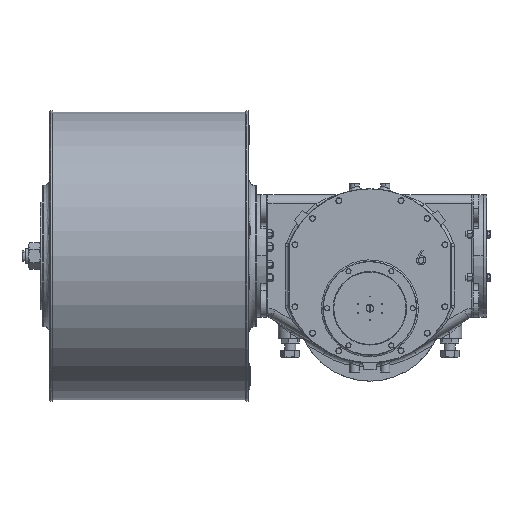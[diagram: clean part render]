
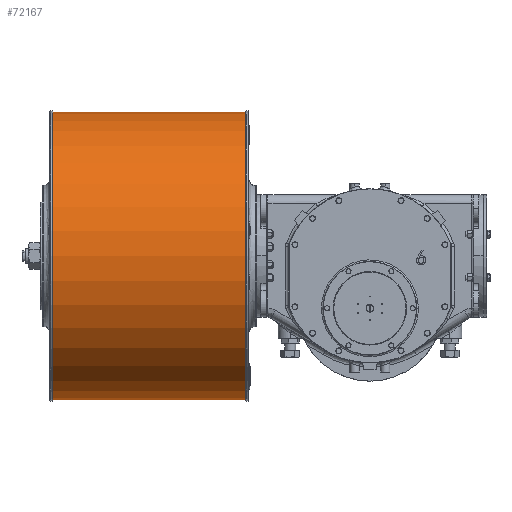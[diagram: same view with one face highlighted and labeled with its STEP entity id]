
A CAD part, top view. The second image highlights one B-rep face of the part: STEP entity #72167.
In plain terms, the highlighted cylindrical face has radius 470 mm (diameter 940 mm), a partial arc.
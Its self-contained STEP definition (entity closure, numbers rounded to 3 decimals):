
#1406 = VERTEX_POINT ( 'NONE', #42971 ) ;
#5100 = EDGE_CURVE ( 'NONE', #1406, #30260, #44247, .T. ) ;
#10874 = ORIENTED_EDGE ( 'NONE', *, *, #72098, .T. ) ;
#12516 = AXIS2_PLACEMENT_3D ( 'NONE', #57879, #39587, #35042 ) ;
#14848 = AXIS2_PLACEMENT_3D ( 'NONE', #31287, #64813, #65508 ) ;
#15774 = CARTESIAN_POINT ( 'NONE',  ( -405., 641., 138. ) ) ;
#15990 = CIRCLE ( 'NONE', #14848, 470. ) ;
#16501 = LINE ( 'NONE', #15774, #24325 ) ;
#16996 = CARTESIAN_POINT ( 'NONE',  ( -1035., -299., 138. ) ) ;
#17023 = ORIENTED_EDGE ( 'NONE', *, *, #19193, .F. ) ;
#18620 = EDGE_CURVE ( 'NONE', #69789, #18806, #15990, .T. ) ;
#18806 = VERTEX_POINT ( 'NONE', #26824 ) ;
#19193 = EDGE_CURVE ( 'NONE', #69789, #30260, #43740, .T. ) ;
#20792 = AXIS2_PLACEMENT_3D ( 'NONE', #44845, #39335, #55140 ) ;
#21288 = DIRECTION ( 'NONE',  ( -1., 0., 0. ) ) ;
#22750 = FACE_OUTER_BOUND ( 'NONE', #31521, .T. ) ;
#24325 = VECTOR ( 'NONE', #21288, 1000. ) ;
#26824 = CARTESIAN_POINT ( 'NONE',  ( -405., 641., 138. ) ) ;
#30260 = VERTEX_POINT ( 'NONE', #16996 ) ;
#31287 = CARTESIAN_POINT ( 'NONE',  ( -405., 171., 138. ) ) ;
#31521 = EDGE_LOOP ( 'NONE', ( #32645, #10874, #70002, #17023 ) ) ;
#32645 = ORIENTED_EDGE ( 'NONE', *, *, #18620, .T. ) ;
#35042 = DIRECTION ( 'NONE',  ( 0., -1., 0. ) ) ;
#39166 = CARTESIAN_POINT ( 'NONE',  ( -405., -299., 138. ) ) ;
#39335 = DIRECTION ( 'NONE',  ( -1., 0., 0. ) ) ;
#39587 = DIRECTION ( 'NONE',  ( 1., 0., 0. ) ) ;
#42971 = CARTESIAN_POINT ( 'NONE',  ( -1035., 641., 138. ) ) ;
#43740 = LINE ( 'NONE', #72080, #65457 ) ;
#44247 = CIRCLE ( 'NONE', #12516, 470. ) ;
#44845 = CARTESIAN_POINT ( 'NONE',  ( -405., 171., 138. ) ) ;
#55140 = DIRECTION ( 'NONE',  ( 0., -1., 0. ) ) ;
#57879 = CARTESIAN_POINT ( 'NONE',  ( -1035., 171., 138. ) ) ;
#64813 = DIRECTION ( 'NONE',  ( -1., 0., 0. ) ) ;
#65457 = VECTOR ( 'NONE', #66897, 1000. ) ;
#65508 = DIRECTION ( 'NONE',  ( 0., -1., 0. ) ) ;
#66897 = DIRECTION ( 'NONE',  ( -1., 0., 0. ) ) ;
#66923 = CYLINDRICAL_SURFACE ( 'NONE', #20792, 470. ) ;
#69789 = VERTEX_POINT ( 'NONE', #39166 ) ;
#70002 = ORIENTED_EDGE ( 'NONE', *, *, #5100, .T. ) ;
#72080 = CARTESIAN_POINT ( 'NONE',  ( -405., -299., 138. ) ) ;
#72098 = EDGE_CURVE ( 'NONE', #18806, #1406, #16501, .T. ) ;
#72167 = ADVANCED_FACE ( 'NONE', ( #22750 ), #66923, .T. ) ;

**Work request**
Your output should be an exact copy of every line from the one containing "#66897 = DIRECTION" through the end of the records.

**Result below**
#66897 = DIRECTION ( 'NONE',  ( -1., 0., 0. ) ) ;
#66923 = CYLINDRICAL_SURFACE ( 'NONE', #20792, 470. ) ;
#69789 = VERTEX_POINT ( 'NONE', #39166 ) ;
#70002 = ORIENTED_EDGE ( 'NONE', *, *, #5100, .T. ) ;
#72080 = CARTESIAN_POINT ( 'NONE',  ( -405., -299., 138. ) ) ;
#72098 = EDGE_CURVE ( 'NONE', #18806, #1406, #16501, .T. ) ;
#72167 = ADVANCED_FACE ( 'NONE', ( #22750 ), #66923, .T. ) ;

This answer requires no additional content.